— PROMPT —
Needed from the entries below: every line that holds the word "masses".

(Beginning of PROVIDED ENTRIES)

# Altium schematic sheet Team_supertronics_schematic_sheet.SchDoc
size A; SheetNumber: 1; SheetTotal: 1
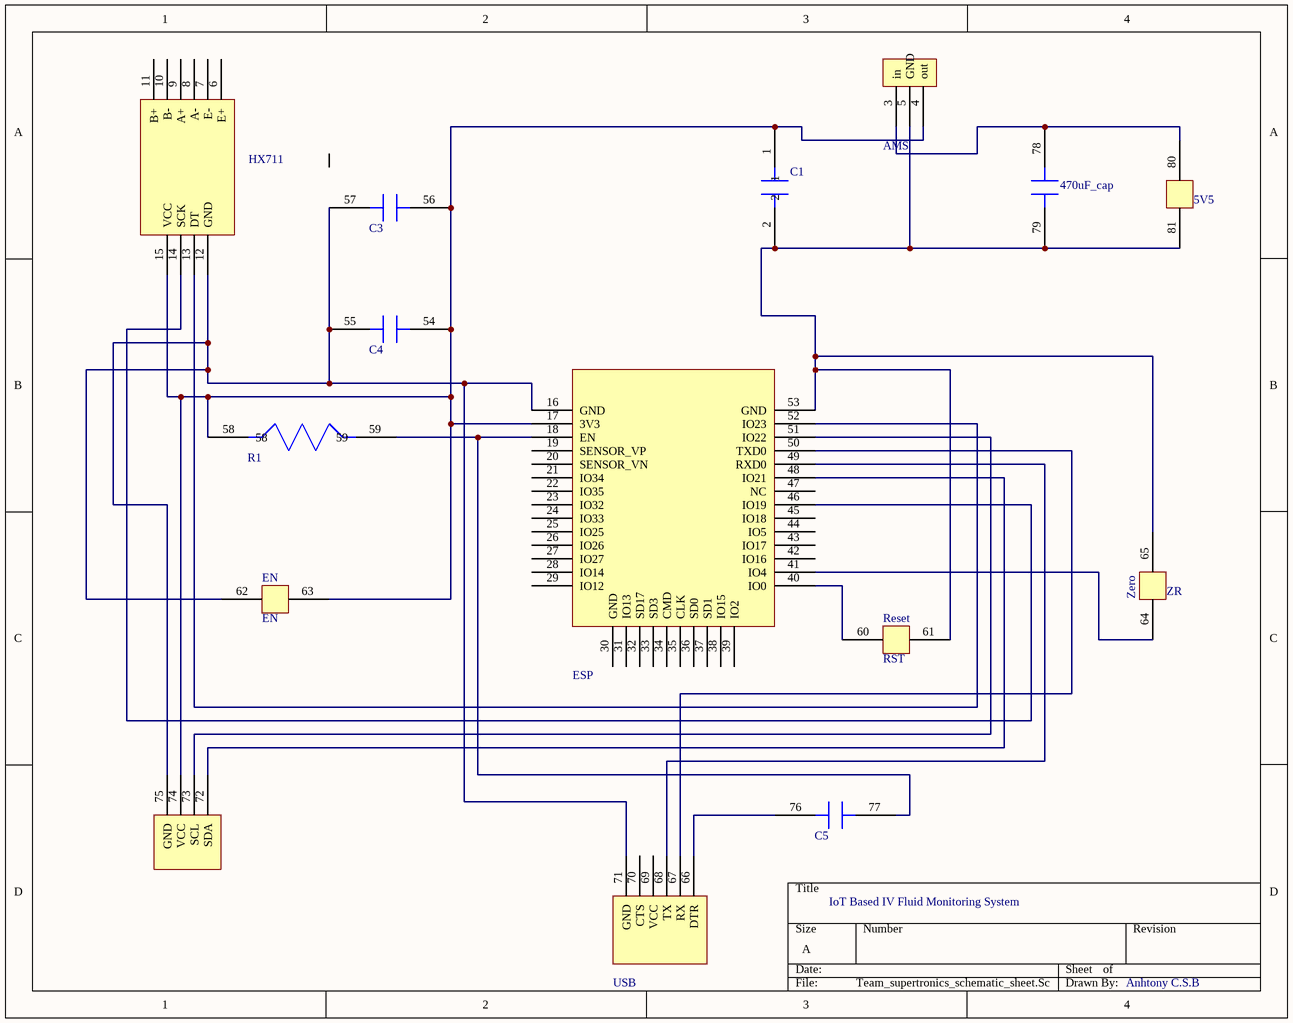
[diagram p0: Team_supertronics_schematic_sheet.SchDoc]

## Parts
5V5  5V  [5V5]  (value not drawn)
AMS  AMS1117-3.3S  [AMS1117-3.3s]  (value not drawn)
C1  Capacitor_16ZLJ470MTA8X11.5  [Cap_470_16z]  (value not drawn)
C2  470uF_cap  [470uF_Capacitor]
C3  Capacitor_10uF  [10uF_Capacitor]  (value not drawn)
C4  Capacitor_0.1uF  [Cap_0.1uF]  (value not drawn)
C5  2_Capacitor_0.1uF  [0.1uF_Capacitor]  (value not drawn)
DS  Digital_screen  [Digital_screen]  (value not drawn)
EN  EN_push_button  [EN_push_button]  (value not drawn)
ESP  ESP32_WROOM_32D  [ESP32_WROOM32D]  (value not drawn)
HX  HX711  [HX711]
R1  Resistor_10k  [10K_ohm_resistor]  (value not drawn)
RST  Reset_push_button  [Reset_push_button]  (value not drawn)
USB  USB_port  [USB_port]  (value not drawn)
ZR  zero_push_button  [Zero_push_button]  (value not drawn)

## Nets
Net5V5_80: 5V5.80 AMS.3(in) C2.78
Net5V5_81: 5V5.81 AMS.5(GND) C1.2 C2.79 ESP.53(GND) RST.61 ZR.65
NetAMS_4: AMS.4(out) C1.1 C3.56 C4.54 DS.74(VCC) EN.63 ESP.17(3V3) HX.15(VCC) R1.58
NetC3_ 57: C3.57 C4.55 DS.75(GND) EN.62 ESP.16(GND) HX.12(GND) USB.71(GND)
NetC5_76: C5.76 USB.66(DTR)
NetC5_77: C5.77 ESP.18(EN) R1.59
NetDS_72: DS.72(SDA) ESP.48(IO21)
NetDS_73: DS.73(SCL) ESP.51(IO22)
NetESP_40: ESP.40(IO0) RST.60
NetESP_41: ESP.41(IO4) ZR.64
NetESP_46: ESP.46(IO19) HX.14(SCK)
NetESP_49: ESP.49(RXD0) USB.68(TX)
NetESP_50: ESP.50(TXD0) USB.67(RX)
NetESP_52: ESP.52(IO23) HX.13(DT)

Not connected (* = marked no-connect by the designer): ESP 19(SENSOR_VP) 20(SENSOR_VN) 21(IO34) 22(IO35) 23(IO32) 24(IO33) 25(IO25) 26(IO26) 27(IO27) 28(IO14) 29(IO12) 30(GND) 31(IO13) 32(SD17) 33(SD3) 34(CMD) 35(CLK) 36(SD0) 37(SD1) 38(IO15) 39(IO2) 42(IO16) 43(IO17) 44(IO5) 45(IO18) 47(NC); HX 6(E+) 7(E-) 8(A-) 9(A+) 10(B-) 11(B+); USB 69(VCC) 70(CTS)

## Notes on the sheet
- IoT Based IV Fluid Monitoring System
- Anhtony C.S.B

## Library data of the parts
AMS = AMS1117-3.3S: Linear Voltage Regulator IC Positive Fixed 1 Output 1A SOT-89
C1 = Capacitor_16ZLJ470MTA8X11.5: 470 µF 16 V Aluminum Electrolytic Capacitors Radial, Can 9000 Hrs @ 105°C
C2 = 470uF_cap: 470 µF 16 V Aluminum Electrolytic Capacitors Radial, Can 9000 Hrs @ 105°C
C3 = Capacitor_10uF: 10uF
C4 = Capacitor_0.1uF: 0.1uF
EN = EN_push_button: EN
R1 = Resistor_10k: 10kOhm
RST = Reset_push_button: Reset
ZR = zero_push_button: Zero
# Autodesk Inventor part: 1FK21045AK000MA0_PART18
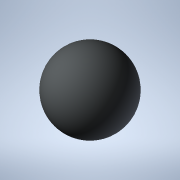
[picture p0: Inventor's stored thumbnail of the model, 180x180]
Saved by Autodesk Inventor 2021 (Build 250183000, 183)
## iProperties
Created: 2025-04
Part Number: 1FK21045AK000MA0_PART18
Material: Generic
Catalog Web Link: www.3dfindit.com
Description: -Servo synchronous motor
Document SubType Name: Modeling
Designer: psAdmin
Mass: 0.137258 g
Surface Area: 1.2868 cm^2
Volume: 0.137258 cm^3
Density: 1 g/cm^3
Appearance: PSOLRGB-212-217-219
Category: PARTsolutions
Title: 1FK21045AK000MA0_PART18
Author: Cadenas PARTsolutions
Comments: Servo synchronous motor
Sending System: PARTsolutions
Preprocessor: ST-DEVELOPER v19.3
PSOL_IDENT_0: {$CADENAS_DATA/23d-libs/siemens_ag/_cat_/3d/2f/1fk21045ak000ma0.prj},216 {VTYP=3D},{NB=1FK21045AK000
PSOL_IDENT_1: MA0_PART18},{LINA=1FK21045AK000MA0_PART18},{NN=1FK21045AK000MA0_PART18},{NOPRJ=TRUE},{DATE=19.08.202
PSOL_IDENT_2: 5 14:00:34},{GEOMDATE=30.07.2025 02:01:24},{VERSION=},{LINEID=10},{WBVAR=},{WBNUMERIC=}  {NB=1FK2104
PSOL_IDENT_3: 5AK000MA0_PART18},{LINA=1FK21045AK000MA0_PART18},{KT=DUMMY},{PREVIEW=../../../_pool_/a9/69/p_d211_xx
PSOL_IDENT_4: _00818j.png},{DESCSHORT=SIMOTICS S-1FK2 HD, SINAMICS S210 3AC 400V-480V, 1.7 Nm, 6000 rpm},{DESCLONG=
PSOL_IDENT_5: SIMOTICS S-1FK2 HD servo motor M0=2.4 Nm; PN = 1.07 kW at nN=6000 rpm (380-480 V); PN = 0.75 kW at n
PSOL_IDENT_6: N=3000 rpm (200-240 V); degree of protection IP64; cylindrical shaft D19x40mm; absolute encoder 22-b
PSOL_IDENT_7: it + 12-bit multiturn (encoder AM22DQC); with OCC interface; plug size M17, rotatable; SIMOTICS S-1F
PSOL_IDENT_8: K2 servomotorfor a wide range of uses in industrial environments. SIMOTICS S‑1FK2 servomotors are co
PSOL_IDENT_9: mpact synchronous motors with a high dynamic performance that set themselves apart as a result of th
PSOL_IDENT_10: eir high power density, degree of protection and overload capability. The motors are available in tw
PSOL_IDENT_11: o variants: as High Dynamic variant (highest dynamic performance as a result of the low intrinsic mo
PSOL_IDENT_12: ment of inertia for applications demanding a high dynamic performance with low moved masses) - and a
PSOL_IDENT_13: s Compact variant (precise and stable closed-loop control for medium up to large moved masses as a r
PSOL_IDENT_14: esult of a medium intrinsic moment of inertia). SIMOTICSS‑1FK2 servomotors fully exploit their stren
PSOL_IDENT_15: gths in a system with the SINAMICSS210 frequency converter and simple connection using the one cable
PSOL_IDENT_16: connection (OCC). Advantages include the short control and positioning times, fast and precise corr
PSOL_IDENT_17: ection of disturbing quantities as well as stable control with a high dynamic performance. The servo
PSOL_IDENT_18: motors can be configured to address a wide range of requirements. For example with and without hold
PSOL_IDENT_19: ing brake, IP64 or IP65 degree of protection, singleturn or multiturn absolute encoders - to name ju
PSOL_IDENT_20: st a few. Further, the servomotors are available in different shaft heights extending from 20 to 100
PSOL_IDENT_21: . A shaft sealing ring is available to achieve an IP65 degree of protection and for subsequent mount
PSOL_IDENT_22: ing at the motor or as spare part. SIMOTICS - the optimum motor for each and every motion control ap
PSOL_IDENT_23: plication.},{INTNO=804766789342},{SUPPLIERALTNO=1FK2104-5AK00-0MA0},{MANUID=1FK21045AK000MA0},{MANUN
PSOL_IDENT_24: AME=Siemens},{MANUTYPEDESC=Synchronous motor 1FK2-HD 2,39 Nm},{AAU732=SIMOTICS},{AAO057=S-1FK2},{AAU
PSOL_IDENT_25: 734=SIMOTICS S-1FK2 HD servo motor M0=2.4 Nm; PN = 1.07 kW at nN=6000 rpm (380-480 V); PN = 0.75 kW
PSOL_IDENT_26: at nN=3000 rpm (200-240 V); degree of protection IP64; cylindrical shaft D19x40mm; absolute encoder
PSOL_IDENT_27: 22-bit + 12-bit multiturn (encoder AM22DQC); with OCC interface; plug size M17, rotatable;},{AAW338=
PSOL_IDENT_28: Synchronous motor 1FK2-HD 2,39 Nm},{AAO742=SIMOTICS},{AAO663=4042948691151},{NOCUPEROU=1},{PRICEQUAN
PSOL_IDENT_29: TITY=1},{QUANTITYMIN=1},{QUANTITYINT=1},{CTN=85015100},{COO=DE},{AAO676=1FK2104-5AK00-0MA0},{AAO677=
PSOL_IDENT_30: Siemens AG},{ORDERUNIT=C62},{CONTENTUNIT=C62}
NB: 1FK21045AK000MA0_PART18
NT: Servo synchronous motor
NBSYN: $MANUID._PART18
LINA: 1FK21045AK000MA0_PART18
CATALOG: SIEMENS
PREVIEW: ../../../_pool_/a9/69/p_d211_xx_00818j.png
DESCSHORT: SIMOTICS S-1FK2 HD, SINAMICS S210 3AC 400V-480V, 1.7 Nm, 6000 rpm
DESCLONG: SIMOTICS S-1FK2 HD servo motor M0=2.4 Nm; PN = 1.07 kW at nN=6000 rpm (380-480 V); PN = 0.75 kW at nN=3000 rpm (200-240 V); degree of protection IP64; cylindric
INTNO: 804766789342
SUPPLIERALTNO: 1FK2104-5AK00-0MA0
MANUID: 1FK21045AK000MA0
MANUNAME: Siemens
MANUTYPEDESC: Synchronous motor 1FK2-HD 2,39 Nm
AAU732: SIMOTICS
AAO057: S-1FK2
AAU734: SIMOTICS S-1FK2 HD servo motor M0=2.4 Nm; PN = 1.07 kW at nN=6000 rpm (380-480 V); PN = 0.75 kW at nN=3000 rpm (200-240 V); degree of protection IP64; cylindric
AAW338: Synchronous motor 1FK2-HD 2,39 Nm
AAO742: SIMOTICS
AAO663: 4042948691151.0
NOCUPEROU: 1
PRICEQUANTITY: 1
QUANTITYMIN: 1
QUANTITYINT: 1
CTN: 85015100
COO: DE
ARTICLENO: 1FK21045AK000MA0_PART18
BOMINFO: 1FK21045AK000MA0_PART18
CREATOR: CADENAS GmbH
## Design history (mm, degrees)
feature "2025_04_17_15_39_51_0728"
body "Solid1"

(End of PROVIDED ENTRIES)

— RESPONSE TO THIS EXERCISE —
PSOL_IDENT_12: ment of inertia for applications demanding a high dynamic performance with low moved masses) - and a
PSOL_IDENT_13: s Compact variant (precise and stable closed-loop control for medium up to large moved masses as a r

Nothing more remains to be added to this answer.